The function column_stack stacks 1D arrays as columns into a 2D array. It is equivalent to hstack only for 2D arrays:

from numpy import newaxis

print("np.column_stack((a,b)) = \n{}".format(np.column_stack((a,b)))) # with 2D arrays

a = np.array([4.,2.])
b = np.array([3.,8.])

print("np.column_stack((a,b)) = \n{}".format(np.column_stack((a,b)))) # returns a 2D array
print("np.hstack((a,b)) = \n{}".format(np.hstack((a,b)))) # returns a 1D array
print("a[:,newaxis] = \n{}".format(a[:,newaxis])) # view a as a 2D column vector
print("np.column_stack((a[:,newaxis],b[:,newaxis])) = \n{}".format(np.column_stack((a[:,newaxis],b[:,newaxis]))))
print("np.hstack((a[:,newaxis],b[:,newaxis])) = \n{}".format(np.hstack((a[:,newaxis],b[:,newaxis]))))

np.column_stack((a,b)) = 
[[4. 3.]
 [2. 8.]]
np.column_stack((a,b)) = 
[[4. 3.]
 [2. 8.]]
np.hstack((a,b)) = 
[4. 2. 3. 8.]
a[:,newaxis] = 
[[4.]
 [2.]]
np.column_stack((a[:,newaxis],b[:,newaxis])) = 
[[4. 3.]
 [2. 8.]]
np.hstack((a[:,newaxis],b[:,newaxis])) = 
[[4. 3.]
 [2. 8.]]

In general, for arrays of with more than two dimensions, hstack stacks along their second axes, vstack stacks along their first axes, and concatenate allows for an optional arguments giving the number of the axis along which the concatenation should happen.

Note

In complex cases, r_ and c_ are useful for creating arrays by stacking numbers along one axis.

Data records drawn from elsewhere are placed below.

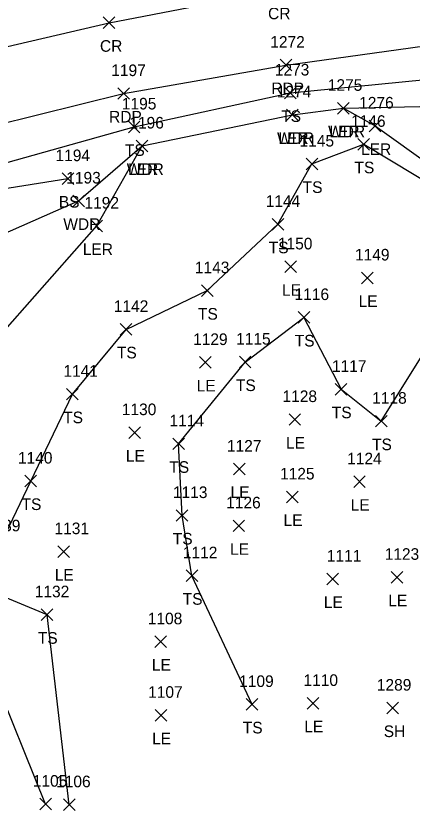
# Model space of a CAD drawing. Extents: x 1586965 to 1590952, y 716317 to 720029.
# Drawn here: x 1587642.6 to 1587710.9, y 719699 to 719836.9 of the extents above; entities that cross this region are included whole.
import ezdxf

# ---------------------------------------------------------------- set-up
doc = ezdxf.new("R2010")
doc.units = 0
for name, color, linetype in [('L_A', 7, 'Continuous'), ('L_I', 7, 'Continuous'), ('L_TIC', 7, 'Continuous'), ('LARO', 7, 'Continuous'), ('LAWA', 7, 'Continuous'), ('LELB', 7, 'Continuous'), ('P_A', 7, 'Continuous'), ('P_I', 7, 'Continuous'), ('P_TIC', 7, 'Continuous'), ('PET', 7, 'Continuous'), ('PRC', 7, 'Continuous')]:
    doc.layers.add(name, color=color, linetype=linetype)

msp = doc.modelspace()

# ---------------------------------------------------------------- linework, layer by layer
at = {"layer": 'L_TIC'}
for points in [[(1587688.98, 719822.61), (1587690.98, 719824.61)], [(1587690.98, 719822.61), (1587688.98, 719824.61)], [(1587689.31, 719818.83), (1587691.31, 719820.83)], [(1587691.31, 719818.83), (1587689.31, 719820.83)], [(1587689.31, 719818.83), (1587691.31, 719820.83)], [(1587691.31, 719818.83), (1587689.31, 719820.83)], [(1587698.11, 719819.97), (1587700.11, 719821.97)], [(1587700.11, 719819.97), (1587698.11, 719821.97)], [(1587698.11, 719819.97), (1587700.11, 719821.97)], [(1587700.11, 719819.97), (1587698.11, 719821.97)], [(1587662.03, 719816.76), (1587664.03, 719818.76)], [(1587664.03, 719816.76), (1587662.03, 719818.76)], [(1587703.58, 719816.92), (1587705.58, 719818.92)], [(1587705.58, 719816.92), (1587703.58, 719818.92)], [(1587663.38, 719813.47), (1587665.38, 719815.47)], [(1587665.38, 719813.47), (1587663.38, 719815.47)], [(1587663.38, 719813.47), (1587665.38, 719815.47)], [(1587665.38, 719813.47), (1587663.38, 719815.47)], [(1587701.61, 719813.76), (1587703.61, 719815.76)], [(1587703.61, 719813.76), (1587701.61, 719815.76)], [(1587692.68, 719810.37), (1587694.68, 719812.37)], [(1587694.68, 719810.37), (1587692.68, 719812.37)], [(1587650.6, 719807.85), (1587652.6, 719809.85)], [(1587652.6, 719807.85), (1587650.6, 719809.85)], [(1587652.44, 719804), (1587654.44, 719806)], [(1587654.44, 719804), (1587652.44, 719806)], [(1587655.59, 719799.68), (1587657.59, 719801.68)], [(1587657.59, 719799.68), (1587655.59, 719801.68)], [(1587686.83, 719799.98), (1587688.83, 719801.98)], [(1587688.83, 719799.98), (1587686.83, 719801.98)], [(1587689.03, 719792.65), (1587691.03, 719794.65)], [(1587691.03, 719792.65), (1587689.03, 719794.65)], [(1587702.24, 719790.74), (1587704.24, 719792.74)], [(1587704.24, 719790.74), (1587702.24, 719792.74)], [(1587674.63, 719788.54), (1587676.63, 719790.54)], [(1587676.63, 719788.54), (1587674.63, 719790.54)], [(1587691.31, 719783.92), (1587693.31, 719785.92)], [(1587693.31, 719783.92), (1587691.31, 719785.92)], [(1587660.64, 719781.87), (1587662.64, 719783.87)], [(1587662.64, 719781.87), (1587660.64, 719783.87)], [(1587674.32, 719776.17), (1587676.32, 719778.17)], [(1587676.32, 719776.17), (1587674.32, 719778.17)], [(1587681.17, 719776.24), (1587683.17, 719778.24)], [(1587683.17, 719776.24), (1587681.17, 719778.24)], [(1587651.38, 719770.7), (1587653.38, 719772.7)], [(1587653.38, 719770.7), (1587651.38, 719772.7)], [(1587697.7, 719771.55), (1587699.7, 719773.55)], [(1587699.7, 719771.55), (1587697.7, 719773.55)], [(1587689.74, 719766.34), (1587691.74, 719768.34)], [(1587691.74, 719766.34), (1587689.74, 719768.34)], [(1587704.64, 719766.05), (1587706.64, 719768.05)], [(1587706.64, 719766.05), (1587704.64, 719768.05)], [(1587662.11, 719764.09), (1587664.11, 719766.09)], [(1587664.11, 719764.09), (1587662.11, 719766.09)], [(1587669.68, 719762.15), (1587671.68, 719764.15)], [(1587671.68, 719762.15), (1587669.68, 719764.15)], [(1587680.16, 719757.8), (1587682.16, 719759.8)], [(1587682.16, 719757.8), (1587680.16, 719759.8)], [(1587644.2, 719755.74), (1587646.2, 719757.74)], [(1587646.2, 719755.74), (1587644.2, 719757.74)], [(1587700.88, 719755.61), (1587702.88, 719757.61)], [(1587702.88, 719755.61), (1587700.88, 719757.61)], [(1587689.3, 719753), (1587691.3, 719755)], [(1587691.3, 719753), (1587689.3, 719755)], [(1587670.28, 719749.8), (1587672.28, 719751.8)], [(1587672.28, 719749.8), (1587670.28, 719751.8)], [(1587680.08, 719748.02), (1587682.08, 719750.02)], [(1587682.08, 719748.02), (1587680.08, 719750.02)], [(1587649.85, 719743.58), (1587651.85, 719745.58)], [(1587651.85, 719743.58), (1587649.85, 719745.58)], [(1587671.99, 719739.42), (1587673.99, 719741.42)], [(1587673.99, 719739.42), (1587671.99, 719741.42)], [(1587696.26, 719738.87), (1587698.26, 719740.87)], [(1587698.26, 719738.87), (1587696.26, 719740.87)], [(1587707.35, 719739.16), (1587709.35, 719741.16)], [(1587709.35, 719739.16), (1587707.35, 719741.16)], [(1587647.01, 719732.7), (1587649.01, 719734.7)], [(1587649.01, 719732.7), (1587647.01, 719734.7)], [(1587666.59, 719728.05), (1587668.59, 719730.05)], [(1587668.59, 719728.05), (1587666.59, 719730.05)], [(1587682.35, 719717.25), (1587684.35, 719719.25)], [(1587684.35, 719717.25), (1587682.35, 719719.25)], [(1587692.88, 719717.43), (1587694.88, 719719.43)], [(1587694.88, 719717.43), (1587692.88, 719719.43)], [(1587666.64, 719715.38), (1587668.64, 719717.38)], [(1587668.64, 719715.38), (1587666.64, 719717.38)], [(1587706.59, 719716.62), (1587708.59, 719718.62)], [(1587708.59, 719716.62), (1587706.59, 719718.62)], [(1587646.76, 719700.07), (1587648.76, 719702.07)], [(1587648.76, 719700.07), (1587646.76, 719702.07)], [(1587650.83, 719699.97), (1587652.83, 719701.97)], [(1587652.83, 719699.97), (1587650.83, 719701.97)]]:
    msp.add_lwpolyline(points, dxfattribs=at)
at = {"layer": 'LARO'}
for points in [[(1587633.4, 719774.52), (1587656.59, 719800.68), (1587664.38, 719814.47), (1587690.31, 719819.83), (1587699.11, 719820.97), (1587704.58, 719817.92), (1587714.5, 719810.87)], [(1587647.76, 719701.07), (1587638.4, 719724.05)]]:
    msp.add_lwpolyline(points, dxfattribs=at)
at = {"layer": 'LAWA'}
msp.add_lwpolyline([(1587401.27, 719626.51), (1587435.01, 719634.6), (1587448.14, 719647.08), (1587470.91, 719665.01), (1587461.04, 719696.06), (1587450.54, 719719.33), (1587487.07, 719738.78), (1587518.72, 719752.12), (1587550.39, 719765.58), (1587600.64, 719780.12), (1587625.51, 719792.71), (1587653.44, 719805), (1587664.38, 719814.47), (1587690.31, 719819.83), (1587699.11, 719820.97), (1587725.45, 719821.57), (1587738.15, 719822.66), (1587747.89, 719823.3), (1587771.26, 719823.5), (1587792.66, 719819.32), (1587813.67, 719812.11)], dxfattribs=at)
at = {"layer": 'LELB'}
for points in [[(1587398.24, 719722.21), (1587438.94, 719742.74), (1587477.78, 719760.7), (1587507.65, 719771.73), (1587544.05, 719780.86), (1587591.35, 719799.64), (1587619.1, 719805.45), (1587663.03, 719817.76), (1587689.98, 719823.61), (1587724.39, 719827.01), (1587769.54, 719828.25), (1587817.81, 719818.92)], [(1587398.24, 719722.21), (1587438.94, 719742.74), (1587477.78, 719760.7), (1587507.65, 719771.73), (1587544.05, 719780.86), (1587591.35, 719799.64), (1587619.1, 719805.45), (1587663.03, 719817.76), (1587689.98, 719823.61), (1587724.39, 719827.01), (1587769.54, 719828.25), (1587817.81, 719818.92)], [(1587651.83, 719700.97), (1587648.01, 719733.7), (1587631.26, 719740.62), (1587615.07, 719741.57), (1587623.3, 719748.63), (1587638.24, 719757.75), (1587639.59, 719745.07), (1587645.2, 719756.74), (1587652.38, 719771.7), (1587661.64, 719782.87), (1587675.63, 719789.54), (1587687.83, 719800.98), (1587693.68, 719811.37), (1587702.61, 719814.76), (1587716.08, 719806.7), (1587717.74, 719791.78), (1587733.84, 719775.17), (1587724.64, 719762.06), (1587727.41, 719748.69)], [(1587651.83, 719700.97), (1587648.01, 719733.7), (1587631.26, 719740.62), (1587615.07, 719741.57), (1587623.3, 719748.63), (1587638.24, 719757.75), (1587639.59, 719745.07), (1587645.2, 719756.74), (1587652.38, 719771.7), (1587661.64, 719782.87), (1587675.63, 719789.54), (1587687.83, 719800.98), (1587693.68, 719811.37), (1587702.61, 719814.76), (1587716.08, 719806.7), (1587717.74, 719791.78), (1587733.84, 719775.17), (1587724.64, 719762.06), (1587727.41, 719748.69)], [(1587400.93, 719718.94), (1587441.36, 719738.52), (1587479.32, 719758.06), (1587509.44, 719768.45), (1587545.37, 719776.35), (1587593.67, 719793.11), (1587606.58, 719796.72), (1587619.17, 719803.04), (1587621.11, 719802.76), (1587621.24, 719800.99), (1587625.17, 719804.67), (1587651.6, 719808.85)], [(1587400.93, 719718.94), (1587441.36, 719738.52), (1587479.32, 719758.06), (1587509.44, 719768.45), (1587545.37, 719776.35), (1587593.67, 719793.11), (1587606.58, 719796.72), (1587619.17, 719803.04), (1587621.11, 719802.76), (1587621.24, 719800.99), (1587625.17, 719804.67), (1587651.6, 719808.85)], [(1587683.35, 719718.25), (1587672.99, 719740.42), (1587671.28, 719750.8), (1587670.68, 719763.15), (1587682.17, 719777.24), (1587692.31, 719784.92), (1587698.7, 719772.55), (1587705.64, 719767.05), (1587712.7, 719778.35), (1587717.65, 719760.19), (1587724.02, 719737.47), (1587722.82, 719731.15), (1587722.81, 719720.17)], [(1587683.35, 719718.25), (1587672.99, 719740.42), (1587671.28, 719750.8), (1587670.68, 719763.15), (1587682.17, 719777.24), (1587692.31, 719784.92), (1587698.7, 719772.55), (1587705.64, 719767.05), (1587712.7, 719778.35), (1587717.65, 719760.19), (1587724.02, 719737.47), (1587722.82, 719731.15), (1587722.81, 719720.17)]]:
    msp.add_lwpolyline(points, dxfattribs=at)
at = {"layer": 'P_TIC'}
for points in [[(1587657.7, 719834.7), (1587659.7, 719836.7)], [(1587659.7, 719834.7), (1587657.7, 719836.7)], [(1587688.19, 719827.4), (1587690.19, 719829.4)], [(1587690.19, 719827.4), (1587688.19, 719829.4)], [(1587660.21, 719822.51), (1587662.21, 719824.51)], [(1587662.21, 719822.51), (1587660.21, 719824.51)]]:
    msp.add_lwpolyline(points, dxfattribs=at)
at = {"layer": 'PET'}
msp.add_lwpolyline([(1587395.82, 719726.18), (1587435.88, 719747.89), (1587475.69, 719765.52), (1587505.58, 719777), (1587541.23, 719789.76), (1587588.97, 719805.25), (1587616.65, 719812.47), (1587661.21, 719823.51), (1587689.19, 719828.4), (1587723.88, 719833.21), (1587769.59, 719834.05), (1587819.16, 719826.14)], dxfattribs=at)
at = {"layer": 'PRC'}
msp.add_lwpolyline([(1587388.91, 719738.13), (1587428.57, 719759.37), (1587470.76, 719777.76), (1587498.92, 719788.92), (1587537.38, 719802.71), (1587585.33, 719817.72), (1587613.69, 719825.22), (1587658.7, 719835.7), (1587687.69, 719841.3), (1587721.6, 719845.66), (1587770.57, 719846.88), (1587822.37, 719838.71)], dxfattribs=at)
msp.add_lwpolyline([(1587388.91, 719738.13), (1587428.57, 719759.37), (1587470.76, 719777.76), (1587498.92, 719788.92), (1587537.38, 719802.71), (1587585.33, 719817.72), (1587613.69, 719825.22), (1587658.7, 719835.7), (1587687.69, 719841.3), (1587721.6, 719845.66), (1587770.57, 719846.88), (1587822.37, 719838.71)], dxfattribs=at)

# ---------------------------------------------------------------- texts
at = {"layer": 'L_A'}
for s, p in [('TS', (1587688.39, 719818.61)), ('WDR', (1587687.67, 719814.83)), ('LER', (1587687.89, 719814.83)), ('WDR', (1587696.47, 719815.97)), ('LER', (1587696.69, 719815.97)), ('TS', (1587661.44, 719812.76)), ('LER', (1587702.16, 719812.92)), ('WDR', (1587661.75, 719809.47)), ('LER', (1587661.97, 719809.47)), ('TS', (1587701.02, 719809.76)), ('TS', (1587692.09, 719806.37)), ('BS', (1587650.04, 719803.85)), ('WDR', (1587650.81, 719800)), ('LER', (1587654.17, 719795.68)), ('TS', (1587686.24, 719795.98)), ('LE', (1587688.52, 719788.65)), ('LE', (1587701.73, 719786.74)), ('TS', (1587674.04, 719784.54)), ('TS', (1587690.72, 719779.92)), ('TS', (1587660.05, 719777.87)), ('LE', (1587673.81, 719772.17)), ('TS', (1587680.58, 719772.24)), ('TS', (1587650.79, 719766.7)), ('TS', (1587697.11, 719767.55)), ('LE', (1587689.22, 719762.34)), ('TS', (1587704.05, 719762.05)), ('LE', (1587661.6, 719760.09)), ('TS', (1587669.09, 719758.15)), ('LE', (1587679.65, 719753.8)), ('TS', (1587643.61, 719751.74)), ('LE', (1587700.37, 719751.61)), ('LE', (1587688.79, 719749)), ('TS', (1587669.69, 719745.8)), ('LE', (1587679.57, 719744.02)), ('LE', (1587649.34, 719739.58)), ('TS', (1587671.4, 719735.42)), ('LE', (1587695.74, 719734.87)), ('LE', (1587706.84, 719735.16)), ('TS', (1587646.42, 719728.7)), ('LE', (1587666.08, 719724.05)), ('TS', (1587681.76, 719713.25)), ('LE', (1587692.36, 719713.43)), ('SH', (1587706.07, 719712.62)), ('LE', (1587666.13, 719711.38))]:
    msp.add_text(s, height=2, dxfattribs=at).set_placement(p)
at = {"layer": 'L_I'}
for s, p in [('1273', (1587687.28, 719826.61)), ('1275', (1587696.42, 719823.97)), ('1275', (1587696.42, 719823.97)), ('1274', (1587687.61, 719822.83)), ('1274', (1587687.61, 719822.83)), ('1195', (1587660.91, 719820.76)), ('1276', (1587701.83, 719820.92)), ('1196', (1587662.2, 719817.47)), ('1196', (1587662.2, 719817.47)), ('1146', (1587700.43, 719817.76)), ('1145', (1587691.55, 719814.37)), ('1194', (1587649.47, 719811.85)), ('1193', (1587651.32, 719808)), ('1192', (1587654.46, 719803.68)), ('1144', (1587685.71, 719803.98)), ('1150', (1587687.82, 719796.65)), ('1149', (1587701.11, 719794.74)), ('1143', (1587673.5, 719792.54)), ('1116', (1587690.69, 719787.92)), ('1142', (1587659.52, 719785.87)), ('1129', (1587673.19, 719780.17)), ('1115', (1587680.61, 719780.24)), ('1141', (1587650.82, 719774.7)), ('1117', (1587697.14, 719775.55)), ('1128', (1587688.61, 719770.34)), ('1118', (1587704.08, 719770.05)), ('1130', (1587660.9, 719768.09)), ('1114', (1587669.12, 719766.15)), ('1127', (1587679.03, 719761.8)), ('1140', (1587642.99, 719759.74)), ('1124', (1587699.76, 719759.61)), ('1125', (1587688.18, 719757)), ('1113', (1587669.72, 719753.8)), ('1126', (1587678.9, 719752.02)), ('1139', (1587637.46, 719748.07)), ('1131', (1587649.29, 719747.58)), ('1112', (1587671.43, 719743.42)), ('1123', (1587706.23, 719743.16)), ('1111', (1587696.26, 719742.87)), ('1132', (1587645.89, 719736.7)), ('1108', (1587665.38, 719732.05)), ('1109', (1587681.14, 719721.25)), ('1110', (1587692.23, 719721.43)), ('1289', (1587704.88, 719720.62)), ('1107', (1587665.44, 719719.38)), ('1105', (1587645.55, 719704.07)), ('1106', (1587649.57, 719703.97))]:
    msp.add_text(s, height=2, dxfattribs=at).set_placement(p)
at = {"layer": 'P_A'}
for s, p in [('CR', (1587686.12, 719836.3)), ('CR', (1587657.13, 719830.7)), ('RDP', (1587686.68, 719823.4)), ('RDP', (1587658.7, 719818.51))]:
    msp.add_text(s, height=2, dxfattribs=at).set_placement(p)
at = {"layer": 'P_I'}
for s, p in [('1272', (1587686.5, 719831.4)), ('1197', (1587659.08, 719826.51))]:
    msp.add_text(s, height=2, dxfattribs=at).set_placement(p)

doc.saveas('drawing.dxf')

They allow the use of range literals :

print("np.r_[1:4,0,4] = \n{}".format(np.r_[1:4,0,4])) # concatenate along the first axis

np.r_[1:4,0,4] = 
[1 2 3 0 4]

When used with arrays as arguments, r_ and c_ are similar to vstack and hstack in their default behavior, but allow for an optional argument giving the number of the axis along which to concatenate.

Splitting one array into several smaller ones

Using hsplit, you can split an array along its horizontal axis, either by specifying the number of equally shaped arrays to return, or by specifying the columns after which the division should occur:

a = np.floor(10 * np.random.random((2,12)))
print("a = \n{}".format(a))

# split a into 3
print("np.hsplit(a,3) = \n{}".format(np.hsplit(a,3)))

# split a after the third and the fourth column
print("np.hsplit(a,(3,4)) = \n{}".format(np.hsplit(a,(3,4))))

a = 
[[7. 0. 8. 1. 4. 7. 8. 1. 1. 8. 1. 2.]
 [6. 7. 7. 5. 7. 5. 0. 7. 7. 4. 6. 1.]]
np.hsplit(a,3) = 
[array([[7., 0., 8., 1.],
       [6., 7., 7., 5.]]), array([[4., 7., 8., 1.],
       [7., 5., 0., 7.]]), array([[1., 8., 1., 2.],
       [7., 4., 6., 1.]])]
np.hsplit(a,(3,4)) = 
[array([[7., 0., 8.],
       [6., 7., 7.]]), array([[1.],
       [5.]]), array([[4., 7., 8., 1., 1., 8., 1., 2.],
       [7., 5., 0., 7., 7., 4., 6., 1.]])]

vsplit splits along the vertical axis, and array_split allows one to specify along which axis to split.